**EXERCISE:** Copy exactly the lines from the beginning of the data down to and including the line holding "of that type])", without any pictures.

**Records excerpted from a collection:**
##############################

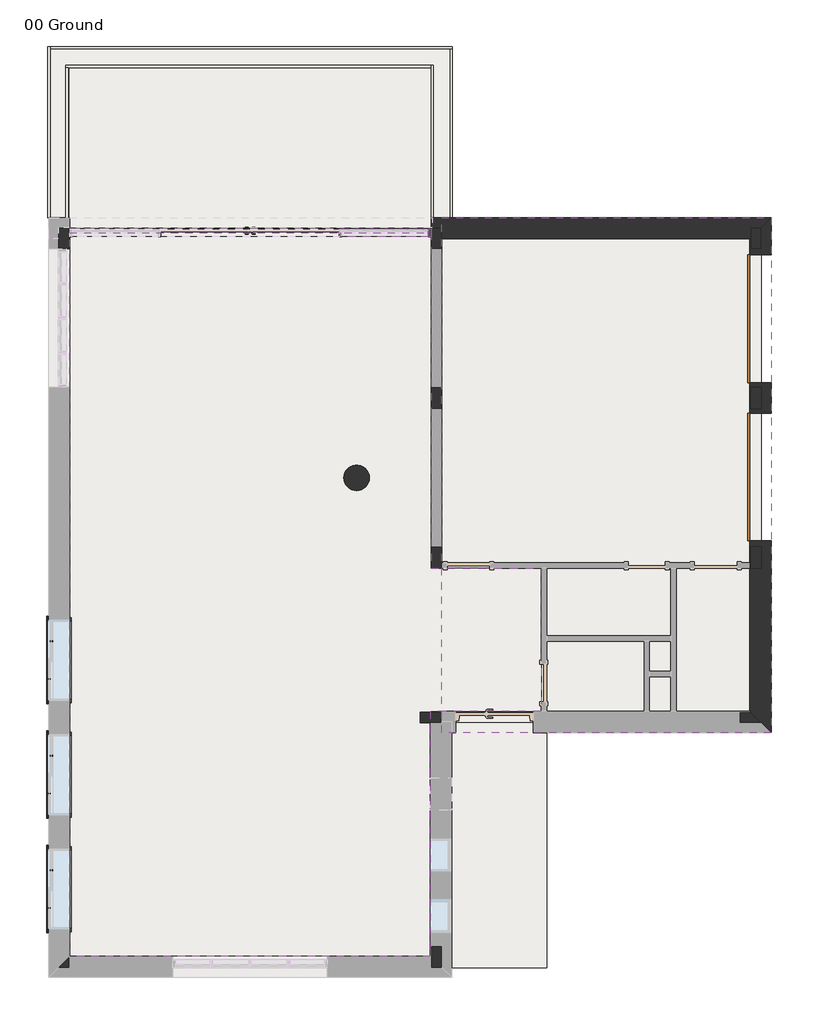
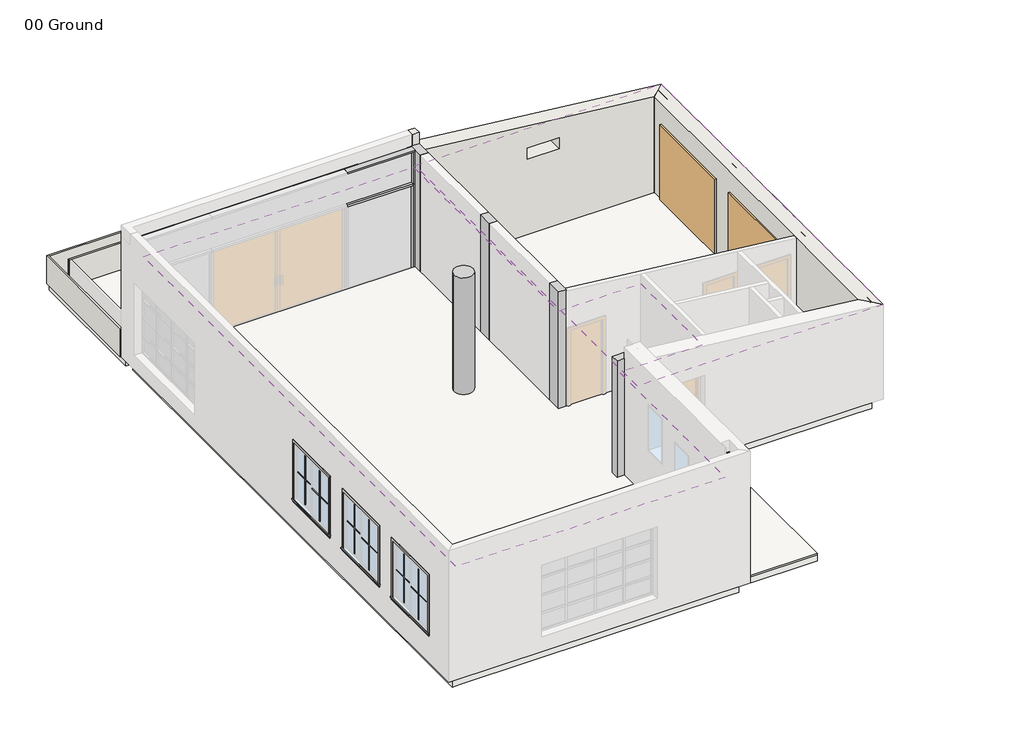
# One storey, part 3 of 3: 15 columns, 12 proxies, 8 walls, 6 slabs, 4 members, 2 doors, 1 covering, 1 roof.
"""IFC4 building model written with IfcOpenShell, lengths in millimetres."""

import ifcopenshell
import ifcopenshell.guid

model = None  # the IFC model being written
_history = None  # IfcOwnerHistory: only IFC2X3 demands one
_inside = {}  # id of a spatial element -> (the spatial element, [elements in it])
_under = {}  # id of a project, library or spatial element -> (it, [spatial elements below it])
_declared = {}  # id of a project -> (the project, [libraries it declares])
_typed = {}  # id of a type object -> (the type object, [elements of that type])
_made_of = {}  # id of a material, layer set ... -> (it, [elements and type objects made of it])


def new_model(schema):
    """Start an empty IFC model of exactly this schema.

    Asked for "IFC4X3", IfcOpenShell would pick the latest addendum, in which some entities
    have other attributes; the version numbers below select the first issue.
    IFC2X3 requires an IfcOwnerHistory on every rooted entity: one is made here for all.
    """
    global model, _history
    if schema == "IFC4X3":
        model = ifcopenshell.file(schema_version=(4, 3, 0, 0))
    else:
        model = ifcopenshell.file(schema=schema)
    _inside.clear()
    _under.clear()
    _declared.clear()
    _typed.clear()
    _made_of.clear()
    _history = None
    if model.schema == "IFC2X3":
        org = make("IfcOrganization", Name="unknown")
        user = make(
            "IfcPersonAndOrganization",
            ThePerson=make("IfcPerson", FamilyName="unknown"),
            TheOrganization=org,
        )
        app = make(
            "IfcApplication",
            ApplicationDeveloper=org,
            Version="unknown",
            ApplicationFullName="unknown",
            ApplicationIdentifier="unknown",
        )
        _history = make(
            "IfcOwnerHistory",
            OwningUser=user,
            OwningApplication=app,
            ChangeAction="ADDED",
            CreationDate=0,
        )
    return model


def make(cls, **values):
    """One entity of the class cls with the attributes given. An attribute that is None is left unset."""
    return model.create_entity(
        cls, **{name: value for name, value in values.items() if value is not None}
    )


def rooted(cls, **values):
    """An entity with a GlobalId (a new one), such as an element, a storey or a relation."""
    return make(cls, GlobalId=ifcopenshell.guid.new(), OwnerHistory=_history, **values)


def si_unit(unit_type, name, prefix=None):
    """IfcSIUnit, for example si_unit("LENGTHUNIT", "METRE", prefix="MILLI")."""
    return make("IfcSIUnit", UnitType=unit_type, Prefix=prefix, Name=name)


def assignment(units):
    """IfcUnitAssignment: the units of a project."""
    return None if units is None else make("IfcUnitAssignment", Units=units)


def point(xyz):
    """IfcCartesianPoint."""
    return None if xyz is None else make("IfcCartesianPoint", Coordinates=xyz)


def direction(xyz):
    """IfcDirection."""
    return None if xyz is None else make("IfcDirection", DirectionRatios=xyz)


def frame(location, z_axis=None, x_axis=None):
    """IfcAxis2Placement3D, a coordinate frame: its origin and axes. An axis left out is left unset."""
    return make(
        "IfcAxis2Placement3D",
        Location=point(location),
        Axis=direction(z_axis),
        RefDirection=direction(x_axis),
    )


def frame_2d(location, x_axis=None):
    """IfcAxis2Placement2D, a coordinate frame in the plane: its origin and x axis."""
    return make(
        "IfcAxis2Placement2D", Location=point(location), RefDirection=direction(x_axis)
    )


def origin():
    """The frame at (0, 0, 0) with its axes left unset."""
    return frame((0.0, 0.0, 0.0))


def origin_with_axes():
    """The frame at (0, 0, 0) with the z axis (0, 0, 1) and the x axis (1, 0, 0) written out."""
    return frame((0.0, 0.0, 0.0), z_axis=(0.0, 0.0, 1.0), x_axis=(1.0, 0.0, 0.0))


def place(relative_to, where):
    """IfcLocalPlacement: puts the frame where relative to a parent placement (None: the world)."""
    return make(
        "IfcLocalPlacement", PlacementRelTo=relative_to, RelativePlacement=where
    )


def context(
    kind, dimensions, precision=None, world=None, true_north=None, identifier=None
):
    """IfcGeometricRepresentationContext, for example the 3D "Model" context."""
    return make(
        "IfcGeometricRepresentationContext",
        ContextIdentifier=identifier,
        ContextType=kind,
        CoordinateSpaceDimension=dimensions,
        Precision=precision,
        WorldCoordinateSystem=world,
        TrueNorth=true_north,
    )


def project(units=None, contexts=None):
    """IfcProject with its units and contexts."""
    return rooted(
        "IfcProject",
        Name="project",
        RepresentationContexts=contexts,
        UnitsInContext=assignment(units),
    )


def spatial(cls, under=None, at=None, **own):
    """A site, building, storey or space (cls), placed at a placement, below another one or the project."""
    s = rooted(cls, ObjectPlacement=at, **own)
    if under is not None:
        _under.setdefault(under.id(), (under, []))[1].append(s)
    return s


def polyline(points):
    """IfcPolyline through the points."""
    return make("IfcPolyline", Points=[point(p) for p in points])


def circle_curve(where, radius):
    """IfcCircle in the frame where."""
    return make("IfcCircle", Position=where, Radius=radius)


def trimmed(basis, trim1, trim2, sense, master):
    """IfcTrimmedCurve: the piece of a basis curve between two trims."""
    return make(
        "IfcTrimmedCurve",
        BasisCurve=basis,
        Trim1=trim1,
        Trim2=trim2,
        SenseAgreement=sense,
        MasterRepresentation=master,
    )


def segment(curve, same_sense, transition):
    """IfcCompositeCurveSegment."""
    return make(
        "IfcCompositeCurveSegment",
        Transition=transition,
        SameSense=same_sense,
        ParentCurve=curve,
    )


def composite_curve(segments, self_intersect=None):
    """IfcCompositeCurve: segments joined end to end."""
    return make("IfcCompositeCurve", Segments=segments, SelfIntersect=self_intersect)


def outline(outer, holes=None, kind="AREA"):
    """IfcArbitraryClosedProfileDef: a profile drawn as a closed curve; with holes, ...WithVoids."""
    if holes is None:
        return make("IfcArbitraryClosedProfileDef", ProfileType=kind, OuterCurve=outer)
    return make(
        "IfcArbitraryProfileDefWithVoids",
        ProfileType=kind,
        OuterCurve=outer,
        InnerCurves=holes,
    )


def extrude(swept, where, along, depth):
    """IfcExtrudedAreaSolid: the profile swept, set in the frame where, extruded along a direction by depth."""
    return make(
        "IfcExtrudedAreaSolid",
        SweptArea=swept,
        Position=where,
        ExtrudedDirection=direction(along),
        Depth=depth,
    )


def faces_of(points, faces, orient=None, outer=None):
    """IfcFace entities. A face is a list of loops; a loop is a list of indices into points, from 0.

    orient and outer hold one flag for each loop. By default every Orientation is true, the
    first loop of a face is its IfcFaceOuterBound and the others are IfcFaceBound.
    """
    made = []
    for i, loops in enumerate(faces):
        bounds = []
        for j, loop in enumerate(loops):
            is_outer = j == 0 if outer is None else outer[i][j]
            bounds.append(
                make(
                    "IfcFaceOuterBound" if is_outer else "IfcFaceBound",
                    Bound=make("IfcPolyLoop", Polygon=[points[k] for k in loop]),
                    Orientation=True if orient is None else orient[i][j],
                )
            )
        made.append(make("IfcFace", Bounds=bounds))
    return made


def faceted_brep(points, faces, orient=None, outer=None, voids=None):
    """IfcFacetedBrep: a solid bounded by flat faces; with voids (closed shells), ...WithVoids."""
    shared = [point(p) for p in points]
    hull = make("IfcClosedShell", CfsFaces=faces_of(shared, faces, orient, outer))
    if voids is None:
        return make("IfcFacetedBrep", Outer=hull)
    return make(
        "IfcFacetedBrepWithVoids",
        Outer=hull,
        Voids=[
            make(cls, CfsFaces=faces_of(shared, fs, o, b)) for cls, fs, o, b in voids
        ],
    )


def shape(context_of_items, identifier, shape_type, items):
    """IfcShapeRepresentation: the items that make up one representation, for example the "Body"."""
    return make(
        "IfcShapeRepresentation",
        ContextOfItems=context_of_items,
        RepresentationIdentifier=identifier,
        RepresentationType=shape_type,
        Items=items,
    )


def source(mapping_origin, context_of_items, identifier, shape_type, items):
    """IfcRepresentationMap: a shape defined once, which mapped items show again and again."""
    return make(
        "IfcRepresentationMap",
        MappingOrigin=mapping_origin,
        MappedRepresentation=shape(context_of_items, identifier, shape_type, items),
    )


def transform(
    local_origin,
    x_axis=None,
    y_axis=None,
    z_axis=None,
    scale=None,
    scale2=None,
    scale3=None,
    uniform=True,
):
    """IfcCartesianTransformationOperator3D, or its non-uniform kind. x_axis, y_axis, z_axis: its Axis1, 2, 3."""
    if uniform:
        return make(
            "IfcCartesianTransformationOperator3D",
            Axis1=direction(x_axis),
            Axis2=direction(y_axis),
            LocalOrigin=point(local_origin),
            Scale=scale,
            Axis3=direction(z_axis),
        )
    return make(
        "IfcCartesianTransformationOperator3DnonUniform",
        Axis1=direction(x_axis),
        Axis2=direction(y_axis),
        LocalOrigin=point(local_origin),
        Scale=scale,
        Axis3=direction(z_axis),
        Scale2=scale2,
        Scale3=scale3,
    )


def mapped(mapping_source, mapping_target):
    """IfcMappedItem: shows the shape of a source again, moved by a transform."""
    return make(
        "IfcMappedItem", MappingSource=mapping_source, MappingTarget=mapping_target
    )


def made_of(thing, what):
    """Note that an element or type object is made of a material, layer set ...; save() writes the relation."""
    if what is not None:
        _made_of.setdefault(what.id(), (what, []))[1].append(thing)
    return thing


def element(
    cls,
    number,
    at=None,
    inside=None,
    cuts=None,
    type_object=None,
    material=None,
    context=None,
    identifier="Body",
    shape_type=None,
    held_by="IfcProductDefinitionShape",
    body=None,
    shapes=None,
    **own,
):
    """One element of the class cls, such as IfcWall. Its Tag is "e" and its number.

    at: its placement. inside: the storey or other place that contains it. cuts: it is an
    opening in that element (IfcRelVoidsElement). A single representation is given by context,
    identifier, shape_type and body (its items); several are given by shapes. held_by: the class
    of the entity that holds the representations. save() writes the other relations.
    """
    e = rooted(cls, Tag="e%d" % number, ObjectPlacement=at, **own)
    if body is not None:
        shapes = [shape(context, identifier, shape_type, body)]
    if shapes is not None:
        e.Representation = make(held_by, Representations=shapes)
    if inside is not None:
        _inside.setdefault(inside.id(), (inside, []))[1].append(e)
    if cuts is not None:
        rooted(
            "IfcRelVoidsElement", RelatingBuildingElement=cuts, RelatedOpeningElement=e
        )
    if type_object is not None:
        _typed.setdefault(type_object.id(), (type_object, []))[1].append(e)
    return made_of(e, material)


def aggregate(whole, parts):
    """IfcRelAggregates: a whole, such as a stair, and the parts it consists of."""
    return rooted("IfcRelAggregates", RelatingObject=whole, RelatedObjects=parts)


def save(model, path):
    """Write the relations noted so far, then the file.

    IfcRelAggregates (storeys below a building ...), IfcRelContainedInSpatialStructure (elements
    in a storey), IfcRelDefinesByType, IfcRelAssociatesMaterial and IfcRelDeclares: one each for
    every whole, place, type object, material and project.
    """
    for whole, parts in _under.values():
        aggregate(whole, parts)
    for where, things in _inside.values():
        rooted(
            "IfcRelContainedInSpatialStructure",
            RelatedElements=things,
            RelatingStructure=where,
        )
    for kind, things in _typed.values():
        rooted("IfcRelDefinesByType", RelatedObjects=things, RelatingType=kind)
    for what, things in _made_of.values():
        rooted("IfcRelAssociatesMaterial", RelatedObjects=things, RelatingMaterial=what)
    for by, libraries in _declared.values():
        rooted("IfcRelDeclares", RelatingContext=by, RelatedDefinitions=libraries)
    model.write(path)


def plane_surface(at):
    """IfcPlane: the flat surface through the origin of the frame at, square to its z axis."""
    return make("IfcPlane", Position=at)


def cylinder_surface(at, radius):
    """IfcCylindricalSurface: all points at the distance radius from the z axis of the frame at."""
    return make("IfcCylindricalSurface", Position=at, Radius=radius)


def advanced_brep(points, edges, surfaces, faces):
    """IfcAdvancedBrep: a solid bounded by faces that lie on surfaces and meet in shared edges.

    An edge is (start, end): straight between two places in points (the first is 0);
    or (start, end, curve); or (start, end, curve, False) where it runs against its curve.
    A face is (place in surfaces, loops), or (place, loops, False) where it looks against
    its surface's normal. A loop lists edges by number (the first is 1), with a minus sign
    where the edge is run from its end to its start. The first loop is the outer one.
    """
    corners = [point(p) for p in points]
    vertices = [make("IfcVertexPoint", VertexGeometry=c) for c in corners]
    made = []
    for start, end, *more in edges:
        made.append(
            make(
                "IfcEdgeCurve",
                EdgeStart=vertices[start],
                EdgeEnd=vertices[end],
                EdgeGeometry=more[0] if more else make("IfcPolyline", Points=[corners[start], corners[end]]),
                SameSense=more[1] if len(more) > 1 else True,
            )
        )
    hull = []
    for where, loops, *sense in faces:
        bounds = []
        for j, loop in enumerate(loops):
            ring = [make("IfcOrientedEdge", EdgeElement=made[abs(k) - 1], Orientation=k > 0) for k in loop]
            bounds.append(
                make(
                    "IfcFaceOuterBound" if j == 0 else "IfcFaceBound",
                    Bound=make("IfcEdgeLoop", EdgeList=ring),
                    Orientation=True,
                )
            )
        hull.append(make("IfcAdvancedFace", Bounds=bounds, FaceSurface=surfaces[where], SameSense=sense[0] if sense else True))
    return make("IfcAdvancedBrep", Outer=make("IfcClosedShell", CfsFaces=hull))


def m_muntin_pattern_2x2_m_muntin_pattern_2x2_30659562(model_context):
    return source(origin(), model_context, "Body", "SweptSolid", [
        extrude(outline(polyline([(683.325, -6.35), (683.325, -332.1375), (670.625, -332.1375), (670.625, -6.35), (0.0, -6.35), (0.0, 6.35), (670.625, 6.35), (670.625, 332.1375), (683.325, 332.1375), (683.325, 6.35), (1353.95, 6.35), (1353.95, -6.35), (683.325, -6.35)])), frame((0.0, 9.525, 0.0), z_axis=(0.0, 1.0, 0.0), x_axis=(0.0, 0.0, 1.0)), (0.0, 0.0, 1.0), 12.7),
        extrude(outline(polyline([(683.325, -6.35), (683.325, -332.1375), (670.625, -332.1375), (670.625, -6.35), (0.0, -6.35), (0.0, 6.35), (670.625, 6.35), (670.625, 332.1375), (683.325, 332.1375), (683.325, 6.35), (1353.95, 6.35), (1353.95, -6.35), (683.325, -6.35)])), frame((0.0, -22.225, 0.0), z_axis=(0.0, 1.0, 0.0), x_axis=(0.0, 0.0, 1.0)), (0.0, 0.0, 1.0), 12.7),
    ])


def m_trim_window_exterior_flat_with_sill_22923e22(model_context):
    return source(origin(), model_context, "Body", "SweptSolid", [
        extrude(outline(polyline([(810.0, -1520.4323709), (810.0, -1580.4323709), (-810.0, -1580.4323709), (-810.0, -1520.4323709), (810.0, -1520.4323709)])), origin_with_axes(), (0.0, 0.0, 1.0), 19.05),
        extrude(outline(polyline([(-1530.0, 38.1), (-1502.4580645, 38.1), (-1500.0, 19.05), (-1500.0, 0.0), (-1520.4323709, 0.0), (-1520.4323709, 19.05), (-1530.0, 19.05), (-1530.0, 38.1)])), frame((-822.7, 0.0, 0.0), z_axis=(1.0, 0.0, 0.0), x_axis=(0.0, 1.0, 0.0)), (0.0, 0.0, 1.0), 1645.4),
        extrude(outline(polyline([(-810.0, 60.0), (810.0, 60.0), (810.0, -1500.0), (750.0, -1500.0), (750.0, 0.0), (-750.0, 0.0), (-750.0, -1500.0), (-810.0, -1500.0), (-810.0, 60.0)])), origin_with_axes(), (0.0, 0.0, 1.0), 19.05),
    ])


def m_trim_window_interior_flat_picture_frame_2e224720(model_context):
    return source(origin(), model_context, "Body", "SweptSolid", [
        extrude(outline(polyline([(797.3, 47.3), (797.3, -1547.3), (-797.3, -1547.3), (-797.3, 47.3), (797.3, 47.3)]), holes=[polyline([(737.3, -12.7), (-737.3, -12.7), (-737.3, -1487.3), (737.3, -1487.3), (737.3, -12.7)])]), origin_with_axes(), (0.0, 0.0, 1.0), 30.0),
    ])


def m_door_overhead_sectional_2400_x_2000mm_9fe30cd6(model_context):
    return source(origin(), model_context, "Body", "SweptSolid", [
        extrude(outline(polyline([(1200.0, -199.0), (1200.0, -239.0), (-1200.0, -239.0), (-1200.0, -199.0), (1200.0, -199.0)])), origin_with_axes(), (0.0, 0.0, 1.0), 2000.0),
    ])


def rectangular_mullion_50_x_150mm_c8600b0d(model_context):
    return source(origin(), model_context, "Body", "SweptSolid", [
        extrude(outline(polyline([(0.0, 75.0), (0.0, -75.0), (-50.0, -75.0), (-50.0, 75.0), (0.0, 75.0)])), frame((0.0, 0.0, -1700.0), z_axis=(0.0, 0.0, 1.0), x_axis=(1.0, 0.0, 0.0)), (0.0, 0.0, 1.0), 1700.0),
    ])


def rectangular_mullion_50_x_150mm_7893aaae(model_context):
    return source(origin(), model_context, "Body", "SweptSolid", [
        extrude(outline(polyline([(25.0, 75.0), (25.0, -75.0), (-25.0, -75.0), (-25.0, 75.0), (25.0, 75.0)])), frame((0.0, 0.0, -1650.0), z_axis=(0.0, 0.0, 1.0), x_axis=(1.0, 0.0, 0.0)), (0.0, 0.0, 1.0), 1650.0),
    ])


def rectangular_mullion_50_x_150mm_8753ce05(model_context):
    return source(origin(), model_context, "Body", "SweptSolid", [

##############################

**RESPONSE:**
# One storey, part 3 of 3: 15 columns, 12 proxies, 8 walls, 6 slabs, 4 members, 2 doors, 1 covering, 1 roof.
"""IFC4 building model written with IfcOpenShell, lengths in millimetres."""

import ifcopenshell
import ifcopenshell.guid

model = None  # the IFC model being written
_history = None  # IfcOwnerHistory: only IFC2X3 demands one
_inside = {}  # id of a spatial element -> (the spatial element, [elements in it])
_under = {}  # id of a project, library or spatial element -> (it, [spatial elements below it])
_declared = {}  # id of a project -> (the project, [libraries it declares])
_typed = {}  # id of a type object -> (the type object, [elements of that type])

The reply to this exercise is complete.